Zara Mourtazalieva : une Tchétchène dans un camp de Poutine

La collection Les moutons noirs publie, sous le titre "Huit ans et demi", le livre de Zara Mourtazalieva, une jeune Tchétchène qui a fait huit ans et demi de prison et de camp en Russie. Accusée sans preuve d’être une "terroriste" simplement parce qu’elle est Tchétchène, elle raconte la vie dans le Goulag de Vladimir Poutine, comme l’éternel retour des années noires. Elle a été libérée, il y a deux ans, le 3 septembre 2012, et a obtenu l’asile politique en France. (228 p., 18€)

Zara Mourtazalieva, une jeune fille de vingt ans venue de sa ville de province travailler à Moscou après la mort de son père, a été arrêtée en pleine rue, un beau jour de mars 2004. On l’a emmenée au commissariat, on l’a insultée, on a mis du plastic dans son sac, puis on l’a emprisonné pendant huit ans et demi.
Elle est tchétchène.
« Dès la première nuit que vos passez ici vous devenez une personne différente. La porte qui a claqué dans votre dos sépare à tout jamais votre vie d’avant et celle d’après : plus rien ne sera comme avant ; et cet instant vous ne pourrez jamais l’oublier. Un monde nouveau s’ouvre devant moi ; c’est un saut dans le vide, du haut d’une falaise… »

Les camps de Poutine sont la continuation des camps de Staline. Dans une préface sans ambages, Galina Ackerman, traductrice de la jeune Tchétchène accusée de terrorisme, souligne la continuité de l’institution, dans ses objectifs et dans ses moyens. Le Goulag, en russe l’administration étatique des camps, permet à la fois de se débarrasser de ceux qui gênent le pouvoir et d’obtenir du travail à vil prix.
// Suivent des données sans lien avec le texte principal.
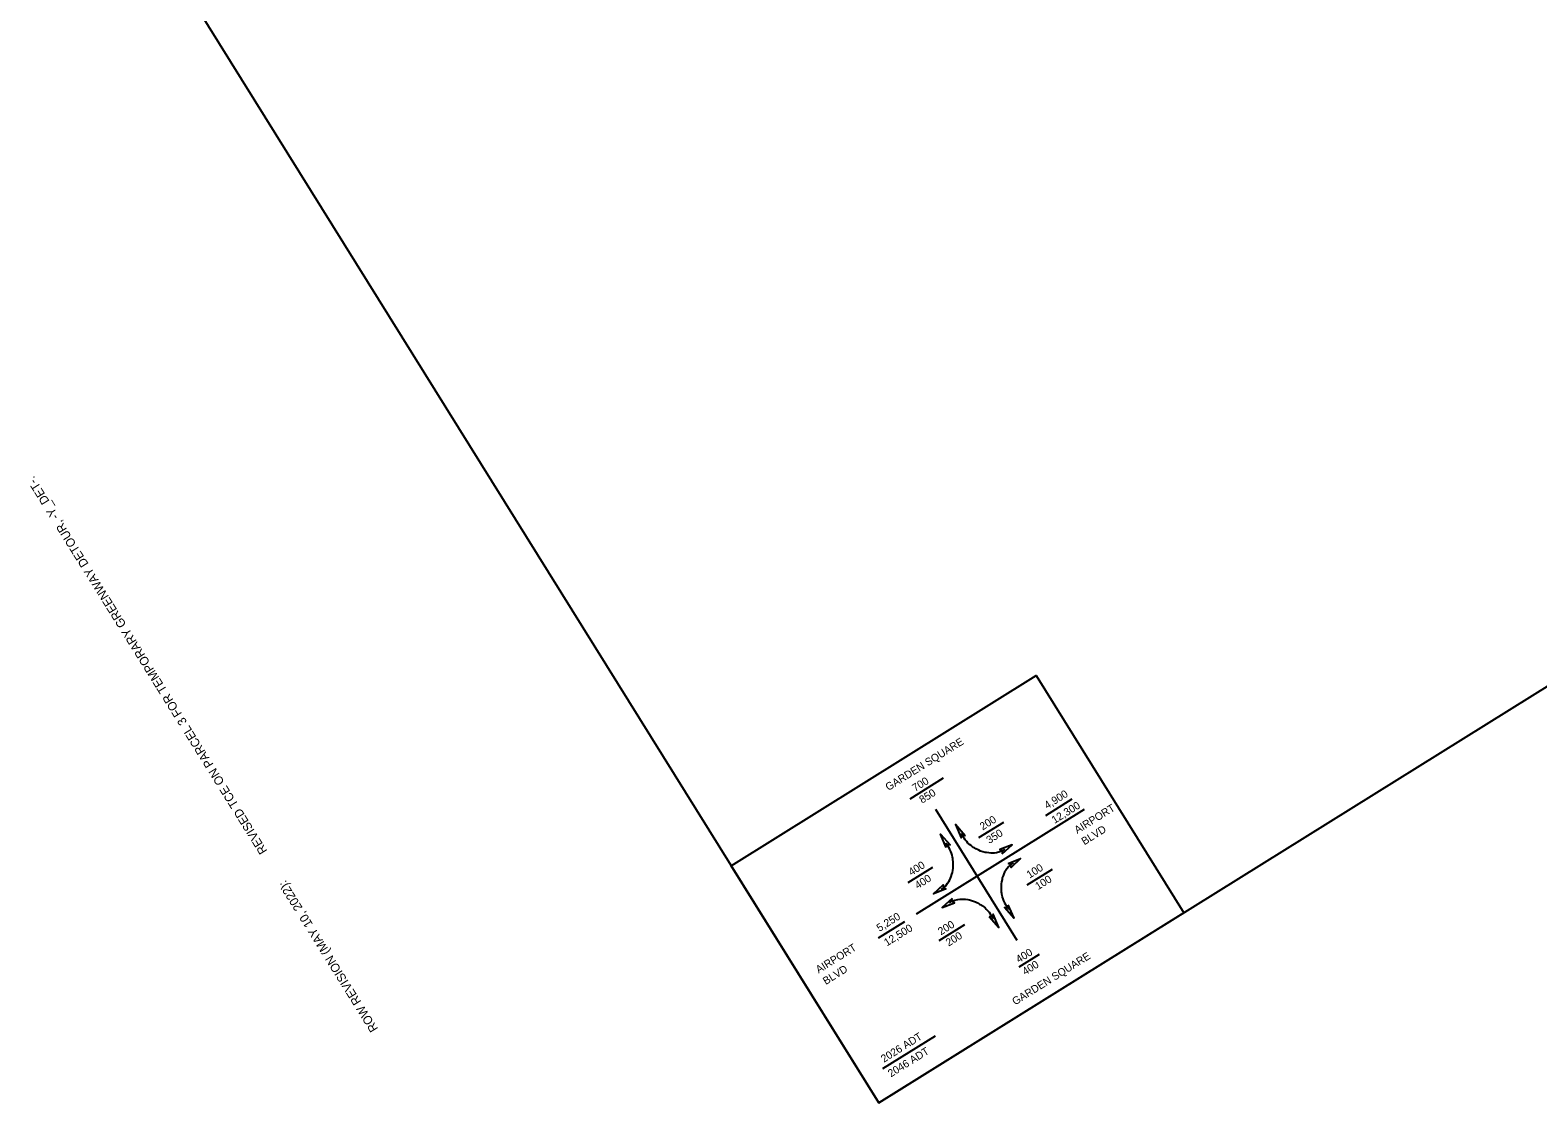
# Model space of a CAD drawing. Extents: x 2045918 to 2047994, y 757573 to 759227.
# Drawn here: x 2045918 to 2046954, y 757573 to 758310 of the extents above; entities that cross this region are included whole.
import ezdxf

# ---------------------------------------------------------------- set-up
doc = ezdxf.new("R2010")
doc.units = 0
for name, color, linetype in [('Prop Grid Mask', 7, 'Continuous'), ('Sheet Block Revision CELL', 7, 'Continuous'), ('Sheet Clip Boundary CELL', 7, 'Continuous')]:
    doc.layers.add(name, color=color, linetype=linetype)

msp = doc.modelspace()

# ---------------------------------------------------------------- linework, layer by layer
at = {"layer": 'Prop Grid Mask'}
for p, q in [((2046522.9, 757782.1), (2046545.9, 757796.4)), ((2046642.6, 757774.8), (2046527.2, 757702.9)), ((2046596.5, 757684.8), (2046540.5, 757774.8)), ((2046596.5, 757684.8), (2046540.5, 757774.8)), ((2046616.3, 757770.7), (2046634.4, 757782)), ((2046570.2, 757755.4), (2046587.3, 757766.1)), ((2046547.7, 757751.5), (2046547.5, 757751.7)), ((2046548, 757751.1), (2046547.7, 757751.5)), ((2046548.4, 757750.5), (2046548, 757751.1)), ((2046558.3, 757758.1), (2046558.2, 757758.3)), ((2046558.5, 757757.6), (2046558.3, 757758.1)), ((2046558.8, 757757), (2046558.5, 757757.6)), ((2046559.1, 757756.4), (2046558.8, 757757)), ((2046559.5, 757755.7), (2046559.1, 757756.4)), ((2046560, 757755), (2046559.5, 757755.7)), ((2046560.8, 757753.9), (2046560, 757755)), ((2046561.9, 757752.7), (2046560.8, 757753.9)), ((2046562.7, 757751.7), (2046561.9, 757752.7)), ((2046563.7, 757750.8), (2046562.7, 757751.7)), ((2046548.8, 757750), (2046548.4, 757750.5)), ((2046549.2, 757749.3), (2046548.8, 757750)), ((2046549.7, 757748.5), (2046549.2, 757749.3)), ((2046550.3, 757747.3), (2046549.7, 757748.5)), ((2046551, 757745.9), (2046550.3, 757747.3)), ((2046551.4, 757744.7), (2046551, 757745.9)), ((2046551.8, 757743.4), (2046551.4, 757744.7)), ((2046552.1, 757742), (2046551.8, 757743.4)), ((2046552.2, 757741.3), (2046552.1, 757742)), ((2046552.3, 757740.7), (2046552.2, 757741.3)), ((2046564.8, 757749.9), (2046563.7, 757750.8)), ((2046565.4, 757749.5), (2046564.8, 757749.9)), ((2046565.9, 757749.1), (2046565.4, 757749.5)), ((2046566.5, 757748.7), (2046565.9, 757749.1)), ((2046567.3, 757748.2), (2046566.5, 757748.7)), ((2046568.2, 757747.7), (2046567.3, 757748.2)), ((2046569.2, 757747.2), (2046568.2, 757747.7)), ((2046570.2, 757746.7), (2046569.2, 757747.2)), ((2046571.4, 757746.2), (2046570.2, 757746.7)), ((2046573, 757745.7), (2046571.4, 757746.2)), ((2046574.4, 757745.3), (2046573, 757745.7)), ((2046575.5, 757745.1), (2046574.4, 757745.3)), ((2046577, 757744.9), (2046575.5, 757745.1)), ((2046578.5, 757744.8), (2046577, 757744.9)), ((2046579.7, 757744.8), (2046578.5, 757744.8)), ((2046580.9, 757744.8), (2046579.7, 757744.8)), ((2046582.4, 757745), (2046580.9, 757744.8)), ((2046584.5, 757745.6), (2046582.4, 757745)), ((2046586.4, 757746.3), (2046584.5, 757745.6)), ((2046588, 757747.2), (2046586.4, 757746.3)), ((2046521.7, 757724.7), (2046538.5, 757735.2)), ((2046551.7, 757730.3), (2046552, 757731.4)), ((2046552, 757731.4), (2046552.3, 757732.8)), ((2046552.4, 757740), (2046552.3, 757740.7)), ((2046552.3, 757732.8), (2046552.5, 757734.4)), ((2046552.6, 757739), (2046552.4, 757740)), ((2046552.5, 757734.4), (2046552.6, 757735.8)), ((2046552.6, 757738), (2046552.6, 757739)), ((2046552.6, 757736.9), (2046552.6, 757738)), ((2046552.6, 757735.8), (2046552.6, 757736.9)), ((2046587.4, 757730.5), (2046586.8, 757729.2)), ((2046587.9, 757731.6), (2046587.4, 757730.5)), ((2046588.5, 757732.6), (2046587.9, 757731.6)), ((2046589.3, 757733.9), (2046588.5, 757732.6)), ((2046590.7, 757735.6), (2046589.3, 757733.9)), ((2046592.2, 757736.9), (2046590.7, 757735.6)), ((2046593.8, 757738), (2046592.2, 757736.9)), ((2046603.3, 757722.9), (2046620.7, 757733.7)), ((2046544.3, 757720), (2046545.8, 757721)), ((2046545.8, 757721), (2046547.4, 757722.4)), ((2046547.4, 757722.4), (2046548.7, 757724.1)), ((2046548.7, 757724.1), (2046549.6, 757725.3)), ((2046549.6, 757725.3), (2046550.2, 757726.4)), ((2046550.2, 757726.4), (2046550.7, 757727.5)), ((2046550.7, 757727.5), (2046551.2, 757728.8)), ((2046551.2, 757728.8), (2046551.7, 757730.3)), ((2046585.5, 757722.2), (2046585.4, 757721.1)), ((2046585.4, 757721.1), (2046585.5, 757719.9)), ((2046585.6, 757723.6), (2046585.5, 757722.2)), ((2046585.8, 757725.1), (2046585.6, 757723.6)), ((2046586.1, 757726.6), (2046585.8, 757725.1)), ((2046586.3, 757727.7), (2046586.1, 757726.6)), ((2046586.8, 757729.2), (2046586.3, 757727.7)), ((2046550, 757710.7), (2046551.7, 757711.7)), ((2046551.7, 757711.7), (2046553.6, 757712.4)), ((2046553.6, 757712.4), (2046555.7, 757712.9)), ((2046555.7, 757712.9), (2046557.2, 757713.1)), ((2046557.2, 757713.1), (2046558.4, 757713.2)), ((2046558.4, 757713.2), (2046559.6, 757713.2)), ((2046559.6, 757713.2), (2046561, 757713.1)), ((2046561, 757713.1), (2046562.6, 757712.9)), ((2046562.6, 757712.9), (2046563.7, 757712.7)), ((2046563.7, 757712.7), (2046565.1, 757712.3)), ((2046565.1, 757712.3), (2046566.6, 757711.8)), ((2046566.6, 757711.8), (2046567.9, 757711.3)), ((2046567.9, 757711.3), (2046568.9, 757710.8)), ((2046568.9, 757710.8), (2046569.9, 757710.3)), ((2046569.9, 757710.3), (2046570.7, 757709.8)), ((2046570.7, 757709.8), (2046571.6, 757709.3)), ((2046585.5, 757719.9), (2046585.5, 757719)), ((2046585.5, 757719), (2046585.6, 757718)), ((2046585.6, 757718), (2046585.7, 757717.3)), ((2046585.7, 757717.3), (2046585.8, 757716.7)), ((2046585.8, 757716.7), (2046586, 757715.9)), ((2046586, 757715.9), (2046586.3, 757714.6)), ((2046586.3, 757714.6), (2046586.7, 757713.3)), ((2046586.7, 757713.3), (2046587.1, 757712.1)), ((2046587.1, 757712.1), (2046587.7, 757710.7)), ((2046587.7, 757710.7), (2046588.4, 757709.5)), ((2046571.6, 757709.3), (2046572.2, 757708.8)), ((2046572.2, 757708.8), (2046572.7, 757708.5)), ((2046572.7, 757708.5), (2046573.3, 757708)), ((2046573.3, 757708), (2046574.4, 757707.1)), ((2046574.4, 757707.1), (2046575.3, 757706.2)), ((2046575.3, 757706.2), (2046576.2, 757705.3)), ((2046576.2, 757705.3), (2046577.2, 757704.1)), ((2046577.2, 757704.1), (2046578, 757703)), ((2046578, 757703), (2046578.5, 757702.2)), ((2046578.5, 757702.2), (2046578.9, 757701.6)), ((2046578.9, 757701.6), (2046579.3, 757701)), ((2046579.3, 757701), (2046579.6, 757700.3)), ((2046579.6, 757700.3), (2046579.8, 757699.9)), ((2046579.8, 757699.9), (2046579.9, 757699.6)), ((2046588.4, 757709.5), (2046588.8, 757708.7)), ((2046588.8, 757708.7), (2046589.3, 757708)), ((2046589.3, 757708), (2046589.6, 757707.5)), ((2046589.6, 757707.5), (2046590.1, 757706.9)), ((2046590.1, 757706.9), (2046590.4, 757706.5)), ((2046590.4, 757706.5), (2046590.6, 757706.3)), ((2046501.2, 757686.5), (2046519.2, 757697.8)), ((2046542.9, 757684.7), (2046560.6, 757695.7)), ((2046597.9, 757666.7), (2046611.8, 757675.3)), ((2046504.1, 757596.7), (2046540.4, 757619.3))]:
    msp.add_line(p, q, dxfattribs=at)
for points in [[(2046400, 757736.1), (2046609.6, 757866.7), (2046711, 757703.8), (2046501.4, 757573.3)], [(2046560.7, 757756.7), (2046554.2, 757764.4), (2046558, 757755.2), (2046558.8, 757757)], [(2046547.8, 757748.6), (2046543.8, 757757.9), (2046550.4, 757750.4), (2046548.4, 757750.5)], [(2046586.3, 757744.3), (2046593.1, 757750.5), (2046584.6, 757747.3), (2046586.4, 757746.3)], [(2046590.4, 757737.7), (2046598.9, 757741.1), (2046592.4, 757734.9), (2046592.2, 757736.9)], [(2046547.7, 757720.3), (2046539.1, 757716.9), (2046545.7, 757723.1), (2046545.8, 757721)], [(2046551.8, 757713.7), (2046545, 757707.5), (2046553.5, 757710.6), (2046551.7, 757711.7)], [(2046577.3, 757701.3), (2046583.9, 757693.6), (2046580.1, 757702.8), (2046579.3, 757701)], [(2046590.2, 757709.3), (2046594.3, 757700.1), (2046587.7, 757707.5), (2046589.7, 757707.5)]]:
    msp.add_lwpolyline(points, close=True, dxfattribs=at)
at = {"layer": 'Sheet Clip Boundary CELL'}
msp.add_lwpolyline([(2045946.3, 758464.5), (2046501.4, 757573.2), (2047629.6, 758276), (2047267.8, 758924.3), (2047213.8, 759021), (2047202.5, 759006.9), (2047161.3, 758941.5), (2047057.3, 758924.6), (2047003.6, 759005.9), (2046934.2, 758962.7), (2046881.6, 759047.1)], close=True, dxfattribs=at)

# ---------------------------------------------------------------- texts
at = {"layer": 'Prop Grid Mask'}
for s, rotation, p in [('GARDEN SQUARE', 31.918, (2046508, 757787.4)), ('700', 31.918, (2046526.4, 757786.8)), ('850', 31.918, (2046531.2, 757778.7)), ('4,900', 31.918, (2046617.1, 757774.8)), ('12,300', 31.918, (2046622.2, 757764.8)), ('AIRPORT', 31.918, (2046637.8, 757757.9)), ('200', 31.9187, (2046572.8, 757760.3)), ('BLVD', 31.918, (2046642.7, 757750.1)), ('350', 31.9187, (2046577.3, 757751)), ('400', 31.9187, (2046523.8, 757729)), ('100', 31.9187, (2046605, 757727.2)), ('400', 31.9187, (2046528.1, 757719.9)), ('100', 31.9187, (2046610.9, 757719.3)), ('5,250', 31.918, (2046501.9, 757690.6)), ('12,500', 31.918, (2046507, 757680.6)), ('200', 31.9187, (2046544.1, 757688.2)), ('200', 31.9187, (2046549.4, 757680.5)), ('AIRPORT', 31.918, (2046460.1, 757662)), ('400', 31.918, (2046597.7, 757669.1)), ('GARDEN SQUARE', 31.918, (2046595.1, 757640.1)), ('400', 31.918, (2046602, 757660.7)), ('BLVD', 31.918, (2046465, 757654.1)), ('2026 ADT', 31.918, (2046504.9, 757600.7)), ('2046 ADT', 31.918, (2046509.7, 757590.6))]:
    msp.add_text(s, height=5.25, rotation=rotation, dxfattribs=at).set_placement(p)
at = {"layer": 'Sheet Block Revision CELL'}
for s, p in [('REVISED TCE ON PARCEL 3 FOR TEMPORARY GREENWAY DETOUR, -Y_DET-.', (2046081.4, 757746.3)), ('ROW REVISION (MAY 10, 2022):', (2046157.5, 757624.1))]:
    msp.add_text(s, height=6, rotation=121.9183, dxfattribs=at).set_placement(p)

doc.saveas('drawing.dxf')

Certes les « colonies pénitentiaires » sont moins nombreuses de nos jours que du temps du petit père des peuples, mais elles n’en constituent pas moins l’essentiel de l’hébergement de quelque 735 000 prisonniers – les prisons étant utilisées presque uniquement pour la détention préventive, comme du temps de l’Union soviétique, d’environ 147 000 personnes.

Une personne de "nationalité caucasienne"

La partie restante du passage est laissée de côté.